7 comments for “EU law prevails over national law

  1. August 7, 2012 at 11:21

    “We’re sick of them, bored with them but they continue on, irrespective.”

    Indeed we are sick of them and bored with them and that’s a real problem. This is their day job and they are paid well for it, so the only option is never give in.

  2. August 7, 2012 at 12:50

    Many thanks for running with this, my time at present is rather squeezed.

    “In this context, it must be recalled that Union Law prevails over National Law, INCLUDING NATIONAL CONSTITUTIONAL LAW”.

    Surely if that context is taken literally, then we have no legal parliament despite Cameron continuing to state that Parliament is sovereign, no legal government other than Brussels, and no Monarch.

    The smoke needs clearing away. The British people are entitled to know EXACTLY how much of their country and sovereignty remains.

  3. JD
    August 7, 2012 at 15:54

    Lord Justice Laws is the man to blame for this mess-

    This development of the common law regarding constitutional rights, and as I would say constitutional statutes, is highly beneficial. It gives us most of the benefits of a written constitution, in which fundamental rights are accorded special respect. But it preserves the sovereignty of the legislature and the flexibility of our uncodified constitution. It accepts the relation between legislative supremacy and fundamental rights is not fixed or brittle: rather the courts (in interpreting statutes, and now, applying the HRA) will pay more or less deference to the legislature, or other public decision-maker, according to the subject in hand. Nothing is plainer than that this benign development involves, as I have said, the recognition of the ECA as a constitutional statute.

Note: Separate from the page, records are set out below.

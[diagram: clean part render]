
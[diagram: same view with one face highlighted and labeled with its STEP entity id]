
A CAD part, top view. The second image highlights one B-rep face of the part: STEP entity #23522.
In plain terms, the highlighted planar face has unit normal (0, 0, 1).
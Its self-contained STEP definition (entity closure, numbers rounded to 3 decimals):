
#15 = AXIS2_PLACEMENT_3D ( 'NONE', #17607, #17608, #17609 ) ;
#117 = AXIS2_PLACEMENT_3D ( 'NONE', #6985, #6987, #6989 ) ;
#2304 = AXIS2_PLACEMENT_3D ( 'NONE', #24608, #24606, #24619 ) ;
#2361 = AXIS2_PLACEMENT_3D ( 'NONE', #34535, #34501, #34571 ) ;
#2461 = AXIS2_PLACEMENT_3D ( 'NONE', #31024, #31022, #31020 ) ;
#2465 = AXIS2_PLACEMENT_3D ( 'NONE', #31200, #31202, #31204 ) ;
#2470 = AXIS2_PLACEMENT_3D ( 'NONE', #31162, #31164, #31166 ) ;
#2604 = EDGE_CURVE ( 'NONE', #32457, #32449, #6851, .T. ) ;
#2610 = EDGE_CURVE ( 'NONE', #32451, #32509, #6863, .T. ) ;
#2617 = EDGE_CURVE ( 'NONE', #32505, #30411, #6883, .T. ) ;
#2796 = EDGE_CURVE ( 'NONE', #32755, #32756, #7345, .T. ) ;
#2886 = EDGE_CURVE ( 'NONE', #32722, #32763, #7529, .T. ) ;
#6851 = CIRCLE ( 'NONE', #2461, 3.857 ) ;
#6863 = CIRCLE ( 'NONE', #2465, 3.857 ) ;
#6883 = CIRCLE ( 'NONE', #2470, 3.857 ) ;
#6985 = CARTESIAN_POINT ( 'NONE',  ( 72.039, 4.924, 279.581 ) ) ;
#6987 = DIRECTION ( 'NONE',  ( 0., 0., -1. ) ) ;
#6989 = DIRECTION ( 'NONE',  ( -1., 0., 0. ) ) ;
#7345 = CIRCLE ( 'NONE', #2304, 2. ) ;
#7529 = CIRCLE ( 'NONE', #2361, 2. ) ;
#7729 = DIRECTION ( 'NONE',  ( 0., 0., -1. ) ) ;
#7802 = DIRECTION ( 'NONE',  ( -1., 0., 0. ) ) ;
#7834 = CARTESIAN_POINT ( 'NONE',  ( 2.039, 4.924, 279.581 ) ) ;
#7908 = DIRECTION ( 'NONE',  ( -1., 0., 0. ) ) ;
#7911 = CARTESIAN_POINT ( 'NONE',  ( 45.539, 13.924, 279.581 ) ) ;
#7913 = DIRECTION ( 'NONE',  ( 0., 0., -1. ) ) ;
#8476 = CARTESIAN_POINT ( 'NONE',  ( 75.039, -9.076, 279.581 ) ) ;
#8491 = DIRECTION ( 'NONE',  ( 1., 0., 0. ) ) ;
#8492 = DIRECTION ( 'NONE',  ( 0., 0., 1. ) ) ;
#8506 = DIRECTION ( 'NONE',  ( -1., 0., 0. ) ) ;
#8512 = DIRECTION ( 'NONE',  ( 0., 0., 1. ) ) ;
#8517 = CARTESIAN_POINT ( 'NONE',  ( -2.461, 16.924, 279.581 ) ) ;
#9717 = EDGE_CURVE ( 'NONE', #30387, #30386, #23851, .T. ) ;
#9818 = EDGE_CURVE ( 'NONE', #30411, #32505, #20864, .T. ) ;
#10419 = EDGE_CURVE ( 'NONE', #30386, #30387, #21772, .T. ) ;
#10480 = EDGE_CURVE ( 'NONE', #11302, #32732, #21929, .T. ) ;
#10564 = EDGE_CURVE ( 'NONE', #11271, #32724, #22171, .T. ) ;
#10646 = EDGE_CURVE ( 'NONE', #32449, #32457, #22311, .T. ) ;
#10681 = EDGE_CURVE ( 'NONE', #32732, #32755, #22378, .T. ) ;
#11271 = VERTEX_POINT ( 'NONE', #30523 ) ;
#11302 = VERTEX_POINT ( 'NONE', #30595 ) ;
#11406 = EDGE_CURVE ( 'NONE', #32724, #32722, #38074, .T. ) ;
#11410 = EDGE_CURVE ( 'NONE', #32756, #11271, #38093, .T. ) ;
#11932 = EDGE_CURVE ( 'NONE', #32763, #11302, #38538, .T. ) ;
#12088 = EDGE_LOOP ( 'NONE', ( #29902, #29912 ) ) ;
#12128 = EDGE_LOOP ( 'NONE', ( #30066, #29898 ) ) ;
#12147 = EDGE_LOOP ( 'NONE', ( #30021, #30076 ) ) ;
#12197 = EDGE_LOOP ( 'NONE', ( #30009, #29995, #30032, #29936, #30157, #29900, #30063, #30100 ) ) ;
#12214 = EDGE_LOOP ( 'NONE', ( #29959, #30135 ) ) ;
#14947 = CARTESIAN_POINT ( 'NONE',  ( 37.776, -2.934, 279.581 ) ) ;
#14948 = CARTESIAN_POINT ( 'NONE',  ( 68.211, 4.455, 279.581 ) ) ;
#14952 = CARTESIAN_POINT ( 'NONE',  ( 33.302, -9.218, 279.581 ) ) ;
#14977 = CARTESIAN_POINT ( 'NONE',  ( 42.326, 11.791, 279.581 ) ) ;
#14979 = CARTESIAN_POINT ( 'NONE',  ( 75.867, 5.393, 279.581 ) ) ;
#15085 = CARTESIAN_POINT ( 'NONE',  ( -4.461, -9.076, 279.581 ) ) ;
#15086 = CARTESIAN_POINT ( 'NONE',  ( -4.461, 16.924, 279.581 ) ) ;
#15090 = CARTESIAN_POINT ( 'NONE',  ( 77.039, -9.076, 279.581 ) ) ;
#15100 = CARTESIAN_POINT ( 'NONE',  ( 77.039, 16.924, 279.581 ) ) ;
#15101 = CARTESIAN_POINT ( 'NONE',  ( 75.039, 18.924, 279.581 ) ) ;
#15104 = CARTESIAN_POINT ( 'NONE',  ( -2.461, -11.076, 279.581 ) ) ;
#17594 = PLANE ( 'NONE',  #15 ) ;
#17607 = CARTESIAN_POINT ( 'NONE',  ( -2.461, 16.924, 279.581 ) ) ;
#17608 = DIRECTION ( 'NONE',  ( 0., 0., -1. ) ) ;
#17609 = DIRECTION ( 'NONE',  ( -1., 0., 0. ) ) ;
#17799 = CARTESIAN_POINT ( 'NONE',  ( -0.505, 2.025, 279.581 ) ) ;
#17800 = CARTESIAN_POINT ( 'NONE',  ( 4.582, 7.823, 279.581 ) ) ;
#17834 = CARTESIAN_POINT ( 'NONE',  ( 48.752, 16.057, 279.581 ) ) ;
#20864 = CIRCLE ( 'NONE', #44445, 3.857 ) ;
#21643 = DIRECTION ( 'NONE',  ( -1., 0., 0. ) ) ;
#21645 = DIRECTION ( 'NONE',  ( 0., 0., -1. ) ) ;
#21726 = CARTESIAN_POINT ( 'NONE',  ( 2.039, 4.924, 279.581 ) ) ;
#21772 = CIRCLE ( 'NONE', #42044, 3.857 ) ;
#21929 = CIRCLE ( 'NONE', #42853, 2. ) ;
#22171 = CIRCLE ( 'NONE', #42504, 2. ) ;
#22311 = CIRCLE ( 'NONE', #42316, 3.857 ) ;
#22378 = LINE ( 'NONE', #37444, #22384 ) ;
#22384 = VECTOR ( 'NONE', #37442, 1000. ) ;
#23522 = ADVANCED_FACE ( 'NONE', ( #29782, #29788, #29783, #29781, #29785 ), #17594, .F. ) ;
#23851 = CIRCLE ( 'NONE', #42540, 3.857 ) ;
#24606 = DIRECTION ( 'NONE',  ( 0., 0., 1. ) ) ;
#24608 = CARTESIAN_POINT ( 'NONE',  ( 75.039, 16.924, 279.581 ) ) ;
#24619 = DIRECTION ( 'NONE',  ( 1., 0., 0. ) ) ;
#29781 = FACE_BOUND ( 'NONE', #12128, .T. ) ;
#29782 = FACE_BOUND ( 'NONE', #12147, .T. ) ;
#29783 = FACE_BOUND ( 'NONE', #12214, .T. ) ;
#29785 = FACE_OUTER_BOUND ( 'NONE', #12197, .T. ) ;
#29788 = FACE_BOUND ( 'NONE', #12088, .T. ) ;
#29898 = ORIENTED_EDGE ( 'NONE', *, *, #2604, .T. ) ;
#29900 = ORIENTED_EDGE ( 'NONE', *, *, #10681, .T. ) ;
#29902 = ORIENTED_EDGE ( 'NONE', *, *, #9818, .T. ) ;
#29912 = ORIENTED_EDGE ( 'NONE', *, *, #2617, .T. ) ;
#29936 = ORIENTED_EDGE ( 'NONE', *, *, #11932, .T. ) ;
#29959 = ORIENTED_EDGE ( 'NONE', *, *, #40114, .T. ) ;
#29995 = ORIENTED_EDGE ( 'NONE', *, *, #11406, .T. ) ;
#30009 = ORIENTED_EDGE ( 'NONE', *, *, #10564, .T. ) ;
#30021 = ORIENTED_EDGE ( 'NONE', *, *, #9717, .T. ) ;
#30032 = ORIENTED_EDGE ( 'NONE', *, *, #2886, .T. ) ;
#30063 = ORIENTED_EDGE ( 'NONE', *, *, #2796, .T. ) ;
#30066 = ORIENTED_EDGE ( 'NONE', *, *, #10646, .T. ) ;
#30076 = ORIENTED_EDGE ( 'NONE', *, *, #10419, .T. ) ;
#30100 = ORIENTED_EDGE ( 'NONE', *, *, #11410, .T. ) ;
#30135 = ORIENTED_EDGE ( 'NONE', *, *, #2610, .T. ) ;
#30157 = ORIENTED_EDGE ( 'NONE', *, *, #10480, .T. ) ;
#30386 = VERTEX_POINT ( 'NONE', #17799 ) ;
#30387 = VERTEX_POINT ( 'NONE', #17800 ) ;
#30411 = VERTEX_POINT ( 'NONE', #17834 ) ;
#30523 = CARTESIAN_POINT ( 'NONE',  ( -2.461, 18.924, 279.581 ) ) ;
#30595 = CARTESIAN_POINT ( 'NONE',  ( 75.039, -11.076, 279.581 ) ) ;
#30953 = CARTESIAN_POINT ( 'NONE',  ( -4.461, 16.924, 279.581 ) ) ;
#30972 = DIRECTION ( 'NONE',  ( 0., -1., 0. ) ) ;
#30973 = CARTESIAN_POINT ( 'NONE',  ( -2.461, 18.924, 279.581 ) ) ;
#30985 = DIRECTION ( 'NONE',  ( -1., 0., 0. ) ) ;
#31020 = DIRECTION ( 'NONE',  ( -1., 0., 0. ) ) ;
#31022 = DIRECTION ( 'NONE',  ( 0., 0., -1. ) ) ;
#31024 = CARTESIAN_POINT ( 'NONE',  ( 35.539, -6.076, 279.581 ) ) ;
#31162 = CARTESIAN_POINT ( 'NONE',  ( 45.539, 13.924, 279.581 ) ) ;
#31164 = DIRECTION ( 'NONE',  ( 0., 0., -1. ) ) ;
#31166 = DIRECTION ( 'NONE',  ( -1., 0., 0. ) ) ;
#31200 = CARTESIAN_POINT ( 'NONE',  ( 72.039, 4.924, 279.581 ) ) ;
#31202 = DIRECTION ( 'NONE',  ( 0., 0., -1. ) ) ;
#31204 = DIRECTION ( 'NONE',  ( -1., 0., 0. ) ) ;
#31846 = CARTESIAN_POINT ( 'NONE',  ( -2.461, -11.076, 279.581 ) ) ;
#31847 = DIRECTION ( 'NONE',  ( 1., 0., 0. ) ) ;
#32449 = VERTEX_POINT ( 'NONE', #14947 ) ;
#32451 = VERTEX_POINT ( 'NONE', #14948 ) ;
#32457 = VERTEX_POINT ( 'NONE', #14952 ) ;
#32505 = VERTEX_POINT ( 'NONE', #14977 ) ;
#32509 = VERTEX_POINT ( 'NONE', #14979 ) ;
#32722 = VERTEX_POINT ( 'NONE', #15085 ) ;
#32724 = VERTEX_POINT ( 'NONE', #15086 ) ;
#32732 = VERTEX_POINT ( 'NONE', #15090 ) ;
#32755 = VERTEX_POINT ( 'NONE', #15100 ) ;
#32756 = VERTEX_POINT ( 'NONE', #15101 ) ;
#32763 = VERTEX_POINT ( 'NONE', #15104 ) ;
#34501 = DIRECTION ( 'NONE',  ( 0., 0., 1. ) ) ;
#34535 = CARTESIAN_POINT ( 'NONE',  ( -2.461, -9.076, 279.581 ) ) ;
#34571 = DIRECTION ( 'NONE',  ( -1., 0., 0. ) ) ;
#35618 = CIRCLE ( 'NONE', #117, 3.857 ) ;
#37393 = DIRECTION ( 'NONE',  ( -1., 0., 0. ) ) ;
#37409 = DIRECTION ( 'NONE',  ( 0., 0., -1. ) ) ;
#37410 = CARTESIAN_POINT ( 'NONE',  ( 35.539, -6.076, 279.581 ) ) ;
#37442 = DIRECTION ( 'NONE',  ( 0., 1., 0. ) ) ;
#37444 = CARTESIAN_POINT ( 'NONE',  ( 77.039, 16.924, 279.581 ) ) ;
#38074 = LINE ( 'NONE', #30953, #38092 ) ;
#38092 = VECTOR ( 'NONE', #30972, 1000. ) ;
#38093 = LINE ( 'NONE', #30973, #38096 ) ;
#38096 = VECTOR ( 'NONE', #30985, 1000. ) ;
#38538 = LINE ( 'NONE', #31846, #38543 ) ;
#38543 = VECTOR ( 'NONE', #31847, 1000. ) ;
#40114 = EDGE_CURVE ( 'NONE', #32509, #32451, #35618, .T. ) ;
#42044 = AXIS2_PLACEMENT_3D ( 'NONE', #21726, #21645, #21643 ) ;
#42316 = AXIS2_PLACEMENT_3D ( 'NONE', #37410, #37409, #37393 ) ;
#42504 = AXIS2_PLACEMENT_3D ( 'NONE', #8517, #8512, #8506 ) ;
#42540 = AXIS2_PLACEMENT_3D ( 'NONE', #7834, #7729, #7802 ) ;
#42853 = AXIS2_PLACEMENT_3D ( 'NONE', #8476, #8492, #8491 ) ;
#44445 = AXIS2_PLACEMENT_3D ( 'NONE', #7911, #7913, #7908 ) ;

    In my judgment (as will by now be clear) the correct analysis of that relationship involves and requires these following four propositions. (1) All the specific rights and obligations which EU law creates are by the ECA incorporated into our domestic law and rank supreme: that is, anything in our substantive law inconsistent with any of these rights and obligations is abrogated or must be modified to avoid the inconsistency. This is true even where the inconsistent municipal provision is contained in primary legislation. (2) The ECA is a constitutional statute: that is, it cannot be impliedly repealed. (3) The truth of (2) is derived, not from EU law, but purely from the law of England: the common law recognises a category of constitutional statutes. (4) The fundamental legal basis of the United Kingdom’s relationship with the EU rests with the domestic, not the European, legal powers. In the event, which no doubt would never happen in the real world, that a European measure was seen to be repugnant to a fundamental or constitutional right guaranteed by the law of England, a question would arise whether the general words of the ECA were sufficient to incorporate the measure and give it overriding effect in domestic law. But that is very far from this case.

  4. JD
    August 7, 2012 at 16:14

    It is sometimes asserted that we knew about the so-called supremacy of community law when we signed up to the Treaty of Accession. That is partly true, although it is tolerably clear that Parliament and the country were kept in the dark.

  5. August 7, 2012 at 16:34

    ..and therein lies our problem. You can count on one finger the number of MP’s who read those treaties before they voted for them, although be assured that the EU centric civil service were fully aware of the consequences.

  6. Rossa
    August 7, 2012 at 16:54

    In light of the letter on WfW from Mark Harper it’s quite clear that our so called representatives still believe that Parliament is sovereign and EU law is only enacted with the ‘permission’ of Parliament.

    And he believes that the Magna Carta has been largely repealed. The enemy is within the gates.

  7. wiggiatlarge
    August 7, 2012 at 17:14

    The bottom line in all of this unless the EU implodes, and I wouldn’t bet on it surviving in some form even then, there are no politicians of any main party who are going to do anything to correct the situation, as this goes on and on I am slowly beginning to believe we are well and truly stuffed, for that to happen in this country would be an appalling derogation of duty to this country by all who supposed to represent it, there really isn’t enough piano wire to go round.